Your objective
Each line of the records containing "centre" is to be copied out and returned.

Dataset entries
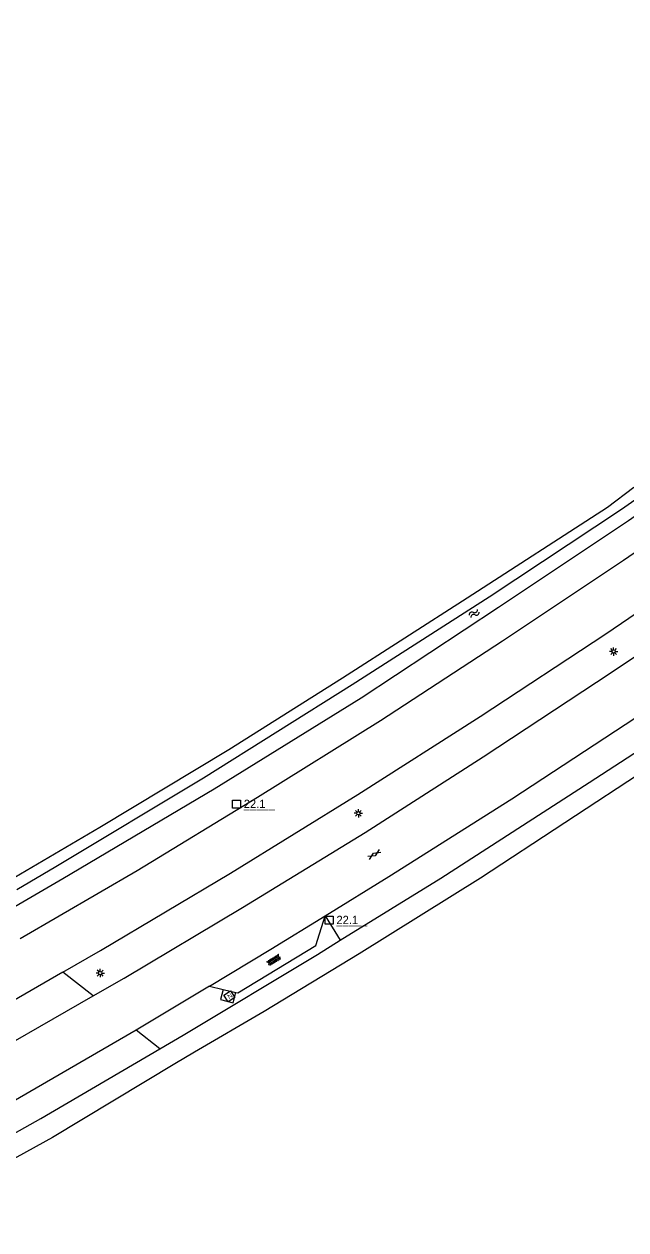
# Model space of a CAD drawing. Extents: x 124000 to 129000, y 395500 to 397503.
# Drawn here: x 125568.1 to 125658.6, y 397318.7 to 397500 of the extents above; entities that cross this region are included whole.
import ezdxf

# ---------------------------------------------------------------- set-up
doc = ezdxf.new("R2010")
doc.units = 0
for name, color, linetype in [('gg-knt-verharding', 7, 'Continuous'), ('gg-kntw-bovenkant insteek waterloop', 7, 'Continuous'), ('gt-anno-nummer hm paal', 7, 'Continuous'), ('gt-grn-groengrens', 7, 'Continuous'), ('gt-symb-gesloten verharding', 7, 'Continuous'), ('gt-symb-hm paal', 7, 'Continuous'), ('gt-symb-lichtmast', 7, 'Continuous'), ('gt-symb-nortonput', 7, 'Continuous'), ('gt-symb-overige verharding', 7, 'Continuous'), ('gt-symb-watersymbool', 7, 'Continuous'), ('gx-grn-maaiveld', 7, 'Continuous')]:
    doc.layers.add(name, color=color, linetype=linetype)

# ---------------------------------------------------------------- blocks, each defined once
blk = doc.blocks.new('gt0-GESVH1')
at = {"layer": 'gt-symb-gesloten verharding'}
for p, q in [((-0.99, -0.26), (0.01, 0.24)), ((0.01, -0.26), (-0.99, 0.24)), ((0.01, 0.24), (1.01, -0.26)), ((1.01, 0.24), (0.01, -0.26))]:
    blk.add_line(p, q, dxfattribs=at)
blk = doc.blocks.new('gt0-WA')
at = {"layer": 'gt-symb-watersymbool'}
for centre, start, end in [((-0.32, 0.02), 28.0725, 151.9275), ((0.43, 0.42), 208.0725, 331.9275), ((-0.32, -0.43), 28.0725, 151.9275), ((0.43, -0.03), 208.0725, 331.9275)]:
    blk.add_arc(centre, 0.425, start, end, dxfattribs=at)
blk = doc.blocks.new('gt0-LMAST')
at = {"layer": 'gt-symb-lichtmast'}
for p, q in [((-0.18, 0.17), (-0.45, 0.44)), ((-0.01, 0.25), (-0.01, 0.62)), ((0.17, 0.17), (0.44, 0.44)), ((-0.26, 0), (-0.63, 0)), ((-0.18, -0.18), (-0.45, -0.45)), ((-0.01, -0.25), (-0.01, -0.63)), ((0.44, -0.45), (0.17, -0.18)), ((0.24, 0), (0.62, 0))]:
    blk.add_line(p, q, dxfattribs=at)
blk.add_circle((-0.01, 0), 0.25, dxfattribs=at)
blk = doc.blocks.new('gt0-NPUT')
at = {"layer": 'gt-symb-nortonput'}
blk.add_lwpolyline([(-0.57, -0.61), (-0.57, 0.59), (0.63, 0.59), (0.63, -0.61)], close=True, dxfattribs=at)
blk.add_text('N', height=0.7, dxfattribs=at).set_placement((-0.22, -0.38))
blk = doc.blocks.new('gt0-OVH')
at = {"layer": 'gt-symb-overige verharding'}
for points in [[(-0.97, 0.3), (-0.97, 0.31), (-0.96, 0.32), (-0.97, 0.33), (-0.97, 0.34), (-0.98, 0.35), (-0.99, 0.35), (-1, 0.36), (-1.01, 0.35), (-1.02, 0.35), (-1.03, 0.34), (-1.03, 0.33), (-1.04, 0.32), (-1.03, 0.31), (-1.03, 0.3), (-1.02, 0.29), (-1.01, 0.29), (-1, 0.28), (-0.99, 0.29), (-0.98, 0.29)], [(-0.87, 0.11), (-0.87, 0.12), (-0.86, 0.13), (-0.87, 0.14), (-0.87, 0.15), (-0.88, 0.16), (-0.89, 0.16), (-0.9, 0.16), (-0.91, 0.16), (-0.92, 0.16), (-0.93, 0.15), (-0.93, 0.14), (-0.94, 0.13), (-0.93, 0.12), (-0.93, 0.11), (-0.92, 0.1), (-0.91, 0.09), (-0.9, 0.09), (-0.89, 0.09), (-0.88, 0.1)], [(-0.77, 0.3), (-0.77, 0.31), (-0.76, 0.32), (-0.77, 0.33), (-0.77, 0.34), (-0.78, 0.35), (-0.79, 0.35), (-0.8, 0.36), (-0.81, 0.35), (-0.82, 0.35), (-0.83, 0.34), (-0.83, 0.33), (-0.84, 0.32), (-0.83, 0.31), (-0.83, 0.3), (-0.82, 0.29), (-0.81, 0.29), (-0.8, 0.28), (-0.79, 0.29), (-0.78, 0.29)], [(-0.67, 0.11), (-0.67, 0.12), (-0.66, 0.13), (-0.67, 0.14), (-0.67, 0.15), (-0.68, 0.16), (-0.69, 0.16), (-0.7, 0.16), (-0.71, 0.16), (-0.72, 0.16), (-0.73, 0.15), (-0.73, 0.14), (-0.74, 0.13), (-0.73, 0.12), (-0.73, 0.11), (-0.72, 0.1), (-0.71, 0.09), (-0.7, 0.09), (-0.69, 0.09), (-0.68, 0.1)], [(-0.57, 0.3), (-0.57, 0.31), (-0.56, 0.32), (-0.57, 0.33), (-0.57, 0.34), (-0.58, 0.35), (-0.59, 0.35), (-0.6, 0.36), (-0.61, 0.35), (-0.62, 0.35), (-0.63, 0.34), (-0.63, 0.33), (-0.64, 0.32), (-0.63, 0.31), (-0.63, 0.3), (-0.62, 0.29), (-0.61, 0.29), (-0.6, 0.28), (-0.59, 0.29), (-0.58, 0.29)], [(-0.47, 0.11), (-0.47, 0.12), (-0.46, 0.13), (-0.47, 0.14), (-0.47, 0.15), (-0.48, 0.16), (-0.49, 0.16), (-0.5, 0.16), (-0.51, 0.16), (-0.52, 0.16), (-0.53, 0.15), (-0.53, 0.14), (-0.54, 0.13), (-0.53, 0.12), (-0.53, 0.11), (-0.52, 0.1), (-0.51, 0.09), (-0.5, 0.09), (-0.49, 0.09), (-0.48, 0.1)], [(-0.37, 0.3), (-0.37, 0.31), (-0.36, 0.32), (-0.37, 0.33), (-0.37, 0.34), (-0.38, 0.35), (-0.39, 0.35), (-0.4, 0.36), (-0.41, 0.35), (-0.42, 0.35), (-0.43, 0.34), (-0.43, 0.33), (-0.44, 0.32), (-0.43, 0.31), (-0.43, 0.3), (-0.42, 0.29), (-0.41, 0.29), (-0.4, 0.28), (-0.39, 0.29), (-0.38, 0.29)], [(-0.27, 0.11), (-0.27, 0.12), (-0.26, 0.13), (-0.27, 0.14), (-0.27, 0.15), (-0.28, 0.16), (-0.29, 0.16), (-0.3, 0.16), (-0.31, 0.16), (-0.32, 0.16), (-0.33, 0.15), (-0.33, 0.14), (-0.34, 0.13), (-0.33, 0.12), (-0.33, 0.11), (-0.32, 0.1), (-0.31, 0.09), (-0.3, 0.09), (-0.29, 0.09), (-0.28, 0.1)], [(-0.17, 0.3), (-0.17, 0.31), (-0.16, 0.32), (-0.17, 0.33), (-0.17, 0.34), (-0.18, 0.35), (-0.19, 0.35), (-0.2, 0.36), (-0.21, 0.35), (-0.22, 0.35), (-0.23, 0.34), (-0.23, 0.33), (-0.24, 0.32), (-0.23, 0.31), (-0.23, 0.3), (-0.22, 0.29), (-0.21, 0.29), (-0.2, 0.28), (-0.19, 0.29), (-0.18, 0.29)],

Response area
for centre, start, end in [((-0.32, 0.02), 28.0725, 151.9275), ((0.43, 0.42), 208.0725, 331.9275), ((-0.32, -0.43), 28.0725, 151.9275), ((0.43, -0.03), 208.0725, 331.9275)]:
    blk.add_arc(centre, 0.425, start, end, dxfattribs=at)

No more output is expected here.